Replacing an OS disk on an existing Azure virtual machine isn’t something you do every day — but when you need it (disk corruption, cloning, rebuilds, or recovery scenarios), you want a controlled and repeatable approach.

In this post, we’ll walk through a safe OS disk replacement process using Azure PowerShell. The flow is simple:

  1. Copy an existing managed disk
  2. Stop (deallocate) the VM
  3. Attach the new disk as the OS disk
  4. Start the VM again

No redeployments, no rebuilding the VM from scratch.

When Would You Use This?

This approach is useful when you need to:

  • Replace a damaged or misconfigured OS disk
  • Clone an OS disk and attach it to the same VM
  • Restore a VM from a disk-level backup
  • Rename or standardize OS disk naming
  • Test a recovered OS disk without recreating the VM

Step 1: Define Your Variables

Start by defining the resource names and locations. Keeping these as variables makes the script reusable and safer to run.

$resourceGroup = "<resourcegroup>"
$location = "westeurope"
$oldDiskName = "data-disk-01"
$newDiskName = "os-01v2"

Step 2: Copy the Existing Disk

First, retrieve the existing managed disk. Then create a new disk configuration using the Copy create option.

# Get the old disk
$oldDisk = Get-AzDisk -ResourceGroupName $resourceGroup -DiskName $oldDiskName

# Create a config based on existing disk
$newDiskConfig = New-AzDiskConfig `
    -Location $location `
    -CreateOption Copy `
    -SourceResourceId $oldDisk.Id

# Create the new disk with the desired name
$newDisk = New-AzDisk `
    -ResourceGroupName $resourceGroup `
    -DiskName $newDiskName `
    -Disk $newDiskConfig

At this point, you now have an exact copy of the original disk — completely independent and safe to attach.

Step 3: Stop (Deallocate) the Virtual Machine

Azure requires the VM to be stopped and deallocated before changing the OS disk.

Stop-AzVM -ResourceGroupName "<VMRG>" -Name "<VMName>" -Force

This ensures the VM configuration can be updated without conflicts.

Step 4: Attach the New OS Disk

Once the VM is stopped, retrieve both the VM object and the newly created disk.

# Get VM & target OS disk
$vm = Get-AzVM -ResourceGroupName "<VMRG>" -Name "<VMName>"
$newOSDisk = Get-AzDisk -ResourceGroupName "<DiskRG>" -DiskName "<NewDiskName>"

Now replace the OS disk reference. Make sure to specify the correct OS type.

Set-AzVMOSDisk `
    -VM $vm `
    -Name $newOSDisk.Name `
    -ManagedDiskId $newOSDisk.Id `
    -CreateOption Attach `
    -Windows   # or -Linux depending on the OS

Step 5: Update the VM Configuration

Apply the updated configuration to Azure.

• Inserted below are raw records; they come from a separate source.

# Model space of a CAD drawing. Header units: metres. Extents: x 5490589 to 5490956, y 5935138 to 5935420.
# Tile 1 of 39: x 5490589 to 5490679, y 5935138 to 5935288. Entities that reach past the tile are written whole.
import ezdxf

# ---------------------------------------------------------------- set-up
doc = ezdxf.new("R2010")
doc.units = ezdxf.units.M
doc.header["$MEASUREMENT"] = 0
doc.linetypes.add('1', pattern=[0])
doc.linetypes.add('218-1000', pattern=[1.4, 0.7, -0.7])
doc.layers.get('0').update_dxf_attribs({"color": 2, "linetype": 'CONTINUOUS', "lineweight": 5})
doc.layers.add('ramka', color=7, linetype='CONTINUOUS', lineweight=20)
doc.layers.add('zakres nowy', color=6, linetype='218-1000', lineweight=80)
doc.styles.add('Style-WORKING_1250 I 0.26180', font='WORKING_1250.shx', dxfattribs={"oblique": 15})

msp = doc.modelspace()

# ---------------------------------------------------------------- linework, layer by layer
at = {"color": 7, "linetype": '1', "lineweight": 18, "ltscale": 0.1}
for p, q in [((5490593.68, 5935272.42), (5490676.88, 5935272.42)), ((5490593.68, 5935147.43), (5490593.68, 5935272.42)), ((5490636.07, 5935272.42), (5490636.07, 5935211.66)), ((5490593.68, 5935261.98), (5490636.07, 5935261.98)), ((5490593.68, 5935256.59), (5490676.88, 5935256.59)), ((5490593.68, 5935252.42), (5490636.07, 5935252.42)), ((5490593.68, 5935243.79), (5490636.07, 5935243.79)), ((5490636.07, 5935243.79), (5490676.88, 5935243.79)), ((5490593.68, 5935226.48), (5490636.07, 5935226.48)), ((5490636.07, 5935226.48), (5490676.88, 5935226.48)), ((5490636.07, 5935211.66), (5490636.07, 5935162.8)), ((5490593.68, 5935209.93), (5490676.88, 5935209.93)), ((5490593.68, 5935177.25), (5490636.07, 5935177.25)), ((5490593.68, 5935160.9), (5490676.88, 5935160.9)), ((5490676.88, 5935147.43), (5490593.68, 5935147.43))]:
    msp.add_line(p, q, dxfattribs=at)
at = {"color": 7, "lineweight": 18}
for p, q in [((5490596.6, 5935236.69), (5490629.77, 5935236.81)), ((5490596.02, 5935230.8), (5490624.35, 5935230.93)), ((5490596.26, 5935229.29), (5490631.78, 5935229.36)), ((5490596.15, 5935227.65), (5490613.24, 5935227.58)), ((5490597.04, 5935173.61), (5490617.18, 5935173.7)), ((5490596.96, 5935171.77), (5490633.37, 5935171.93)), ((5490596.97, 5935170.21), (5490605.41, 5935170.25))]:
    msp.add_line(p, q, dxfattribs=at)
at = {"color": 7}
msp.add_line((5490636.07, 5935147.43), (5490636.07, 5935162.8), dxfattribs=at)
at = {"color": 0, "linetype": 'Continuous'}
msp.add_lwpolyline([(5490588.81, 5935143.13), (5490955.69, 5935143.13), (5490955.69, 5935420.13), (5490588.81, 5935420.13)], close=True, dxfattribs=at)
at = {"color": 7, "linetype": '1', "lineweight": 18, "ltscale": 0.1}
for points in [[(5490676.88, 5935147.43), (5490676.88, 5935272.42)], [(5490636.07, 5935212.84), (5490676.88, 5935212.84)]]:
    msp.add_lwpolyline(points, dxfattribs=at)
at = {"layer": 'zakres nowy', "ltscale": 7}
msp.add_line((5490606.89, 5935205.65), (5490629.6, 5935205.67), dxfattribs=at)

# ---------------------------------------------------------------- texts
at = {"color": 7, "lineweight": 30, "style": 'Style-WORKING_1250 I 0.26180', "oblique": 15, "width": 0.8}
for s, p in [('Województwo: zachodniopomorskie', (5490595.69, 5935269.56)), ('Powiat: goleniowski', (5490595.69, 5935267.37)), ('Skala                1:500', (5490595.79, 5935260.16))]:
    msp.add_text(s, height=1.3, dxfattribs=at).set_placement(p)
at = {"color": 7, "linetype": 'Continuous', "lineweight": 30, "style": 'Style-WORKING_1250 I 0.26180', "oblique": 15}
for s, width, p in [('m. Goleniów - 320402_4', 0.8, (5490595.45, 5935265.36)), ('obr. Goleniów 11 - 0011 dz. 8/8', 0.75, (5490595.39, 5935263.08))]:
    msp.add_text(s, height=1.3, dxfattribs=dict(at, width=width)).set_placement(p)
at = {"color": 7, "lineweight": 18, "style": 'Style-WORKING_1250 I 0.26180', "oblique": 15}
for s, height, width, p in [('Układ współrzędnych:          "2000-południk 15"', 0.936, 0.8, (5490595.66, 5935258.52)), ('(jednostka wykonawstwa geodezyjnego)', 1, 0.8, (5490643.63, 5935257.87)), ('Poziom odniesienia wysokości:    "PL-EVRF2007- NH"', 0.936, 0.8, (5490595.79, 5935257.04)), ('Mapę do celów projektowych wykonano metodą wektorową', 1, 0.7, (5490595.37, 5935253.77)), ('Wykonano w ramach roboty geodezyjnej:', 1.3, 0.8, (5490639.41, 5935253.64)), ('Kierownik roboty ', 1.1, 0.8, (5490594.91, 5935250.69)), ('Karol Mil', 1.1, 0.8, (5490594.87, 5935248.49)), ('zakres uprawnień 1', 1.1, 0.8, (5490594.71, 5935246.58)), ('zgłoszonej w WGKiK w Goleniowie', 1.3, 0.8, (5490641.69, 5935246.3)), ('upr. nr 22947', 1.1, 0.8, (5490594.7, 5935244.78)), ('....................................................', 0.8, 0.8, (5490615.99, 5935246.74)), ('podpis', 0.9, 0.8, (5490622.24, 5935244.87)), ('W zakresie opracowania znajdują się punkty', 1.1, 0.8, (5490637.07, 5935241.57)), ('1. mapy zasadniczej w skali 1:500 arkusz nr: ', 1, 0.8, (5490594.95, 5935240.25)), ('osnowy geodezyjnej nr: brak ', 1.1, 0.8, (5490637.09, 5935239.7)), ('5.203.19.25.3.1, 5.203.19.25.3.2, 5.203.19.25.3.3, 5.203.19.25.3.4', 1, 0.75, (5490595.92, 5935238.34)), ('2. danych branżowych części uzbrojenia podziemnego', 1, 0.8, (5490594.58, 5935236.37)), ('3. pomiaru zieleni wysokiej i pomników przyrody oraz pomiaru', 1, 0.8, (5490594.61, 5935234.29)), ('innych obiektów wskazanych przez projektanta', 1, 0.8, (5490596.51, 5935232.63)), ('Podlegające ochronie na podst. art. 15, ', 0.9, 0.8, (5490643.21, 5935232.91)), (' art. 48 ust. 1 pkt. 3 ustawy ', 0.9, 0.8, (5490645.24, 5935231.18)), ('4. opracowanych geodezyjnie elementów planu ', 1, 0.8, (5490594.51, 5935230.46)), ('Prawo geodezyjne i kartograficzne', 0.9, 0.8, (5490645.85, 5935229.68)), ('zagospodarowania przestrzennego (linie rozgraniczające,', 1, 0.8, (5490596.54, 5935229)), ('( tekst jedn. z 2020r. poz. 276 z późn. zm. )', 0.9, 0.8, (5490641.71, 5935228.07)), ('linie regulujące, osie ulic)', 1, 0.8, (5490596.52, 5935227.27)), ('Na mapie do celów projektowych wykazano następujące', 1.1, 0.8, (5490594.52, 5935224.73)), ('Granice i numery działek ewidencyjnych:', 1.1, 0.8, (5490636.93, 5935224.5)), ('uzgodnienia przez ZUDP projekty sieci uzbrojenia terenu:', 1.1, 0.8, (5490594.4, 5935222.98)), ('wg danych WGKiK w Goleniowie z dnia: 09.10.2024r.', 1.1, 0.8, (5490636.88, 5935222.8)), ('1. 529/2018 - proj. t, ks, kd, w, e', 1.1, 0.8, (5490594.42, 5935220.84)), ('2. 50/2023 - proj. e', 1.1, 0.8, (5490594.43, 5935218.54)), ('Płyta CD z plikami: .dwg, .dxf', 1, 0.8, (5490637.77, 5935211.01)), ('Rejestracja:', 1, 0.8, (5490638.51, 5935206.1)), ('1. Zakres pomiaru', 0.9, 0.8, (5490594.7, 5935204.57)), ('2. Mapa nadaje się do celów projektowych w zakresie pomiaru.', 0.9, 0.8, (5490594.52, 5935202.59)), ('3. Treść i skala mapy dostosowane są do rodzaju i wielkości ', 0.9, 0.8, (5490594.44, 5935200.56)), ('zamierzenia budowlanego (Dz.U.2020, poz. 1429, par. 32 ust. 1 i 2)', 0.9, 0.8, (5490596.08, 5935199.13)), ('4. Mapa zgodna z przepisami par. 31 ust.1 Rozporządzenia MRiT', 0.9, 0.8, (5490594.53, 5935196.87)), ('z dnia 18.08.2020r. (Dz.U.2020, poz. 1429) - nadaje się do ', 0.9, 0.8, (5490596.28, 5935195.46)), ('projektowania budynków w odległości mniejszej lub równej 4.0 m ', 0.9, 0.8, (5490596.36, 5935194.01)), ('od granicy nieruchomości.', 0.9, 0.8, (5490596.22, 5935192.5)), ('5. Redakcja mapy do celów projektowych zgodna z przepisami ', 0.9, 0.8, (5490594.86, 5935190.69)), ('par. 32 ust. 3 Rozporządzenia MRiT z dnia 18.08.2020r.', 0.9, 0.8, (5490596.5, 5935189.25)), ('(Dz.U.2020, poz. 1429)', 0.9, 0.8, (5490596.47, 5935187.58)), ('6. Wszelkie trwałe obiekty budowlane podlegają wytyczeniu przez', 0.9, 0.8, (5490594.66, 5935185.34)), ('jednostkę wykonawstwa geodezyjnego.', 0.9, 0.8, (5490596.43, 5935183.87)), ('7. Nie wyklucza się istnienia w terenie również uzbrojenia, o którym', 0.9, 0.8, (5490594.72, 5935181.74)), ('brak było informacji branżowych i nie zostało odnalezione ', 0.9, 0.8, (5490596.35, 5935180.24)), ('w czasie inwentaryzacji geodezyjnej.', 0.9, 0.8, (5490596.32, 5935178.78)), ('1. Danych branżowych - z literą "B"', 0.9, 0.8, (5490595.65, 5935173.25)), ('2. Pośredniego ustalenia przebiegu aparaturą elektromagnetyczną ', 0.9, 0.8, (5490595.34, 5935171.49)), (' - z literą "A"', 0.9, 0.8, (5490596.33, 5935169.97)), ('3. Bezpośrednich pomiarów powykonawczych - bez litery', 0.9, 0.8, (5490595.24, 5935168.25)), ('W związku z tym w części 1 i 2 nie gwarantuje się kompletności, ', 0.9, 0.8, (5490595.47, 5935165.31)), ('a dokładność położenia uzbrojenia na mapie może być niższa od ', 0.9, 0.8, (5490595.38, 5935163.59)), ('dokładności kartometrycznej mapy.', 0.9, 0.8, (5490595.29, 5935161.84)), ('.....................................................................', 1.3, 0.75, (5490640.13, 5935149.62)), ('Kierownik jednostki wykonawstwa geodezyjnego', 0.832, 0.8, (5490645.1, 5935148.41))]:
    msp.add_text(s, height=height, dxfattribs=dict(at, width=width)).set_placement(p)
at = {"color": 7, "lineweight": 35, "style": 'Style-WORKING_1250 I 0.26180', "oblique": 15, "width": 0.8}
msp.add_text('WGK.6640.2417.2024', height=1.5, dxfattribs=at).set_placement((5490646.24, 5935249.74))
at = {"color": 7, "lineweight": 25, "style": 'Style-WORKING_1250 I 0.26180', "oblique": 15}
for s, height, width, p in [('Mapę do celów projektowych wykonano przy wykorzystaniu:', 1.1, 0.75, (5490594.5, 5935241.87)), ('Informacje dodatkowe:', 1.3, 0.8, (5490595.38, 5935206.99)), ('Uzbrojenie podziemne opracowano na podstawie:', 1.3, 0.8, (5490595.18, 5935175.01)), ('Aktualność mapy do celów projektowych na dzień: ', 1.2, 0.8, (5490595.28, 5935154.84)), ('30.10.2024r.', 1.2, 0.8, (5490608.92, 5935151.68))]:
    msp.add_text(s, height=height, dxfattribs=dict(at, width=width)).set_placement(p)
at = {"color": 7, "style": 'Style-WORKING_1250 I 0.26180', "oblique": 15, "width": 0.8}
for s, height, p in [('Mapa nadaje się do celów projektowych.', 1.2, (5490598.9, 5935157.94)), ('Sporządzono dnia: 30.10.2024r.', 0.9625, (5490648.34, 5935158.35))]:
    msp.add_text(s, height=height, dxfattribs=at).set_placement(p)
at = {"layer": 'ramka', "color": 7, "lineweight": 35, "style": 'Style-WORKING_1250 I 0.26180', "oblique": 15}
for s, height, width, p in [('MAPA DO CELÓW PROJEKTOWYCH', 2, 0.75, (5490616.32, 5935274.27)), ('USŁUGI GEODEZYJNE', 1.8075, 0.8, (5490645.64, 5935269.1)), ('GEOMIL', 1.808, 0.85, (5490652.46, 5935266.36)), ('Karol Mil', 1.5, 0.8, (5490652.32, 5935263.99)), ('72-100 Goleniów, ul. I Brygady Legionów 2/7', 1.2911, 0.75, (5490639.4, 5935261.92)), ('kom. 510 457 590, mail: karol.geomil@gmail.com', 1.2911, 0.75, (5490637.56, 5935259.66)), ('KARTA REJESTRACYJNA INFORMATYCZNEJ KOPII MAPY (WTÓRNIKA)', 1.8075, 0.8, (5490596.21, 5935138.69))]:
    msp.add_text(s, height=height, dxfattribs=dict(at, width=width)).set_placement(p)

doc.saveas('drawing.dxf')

Update-AzVM -ResourceGroupName "<VMRG>" -VM $vm

This commits the OS disk change.

Step 6: Start the VM

Finally, bring the VM back online.

Start-AzVM -ResourceGroupName "<VMRG>" -Name "<VMName>"

If the disk is healthy and compatible, the VM should boot normally using the new OS disk.

Key Considerations

Before using this in production, keep these points in mind:

  • The OS type must match (Windows ↔ Windows, Linux ↔ Linux)
  • The disk must be in the same region as the VM
  • Ensure the copied disk was created from a generalized or compatible source
  • Always test this process on a non-production VM first .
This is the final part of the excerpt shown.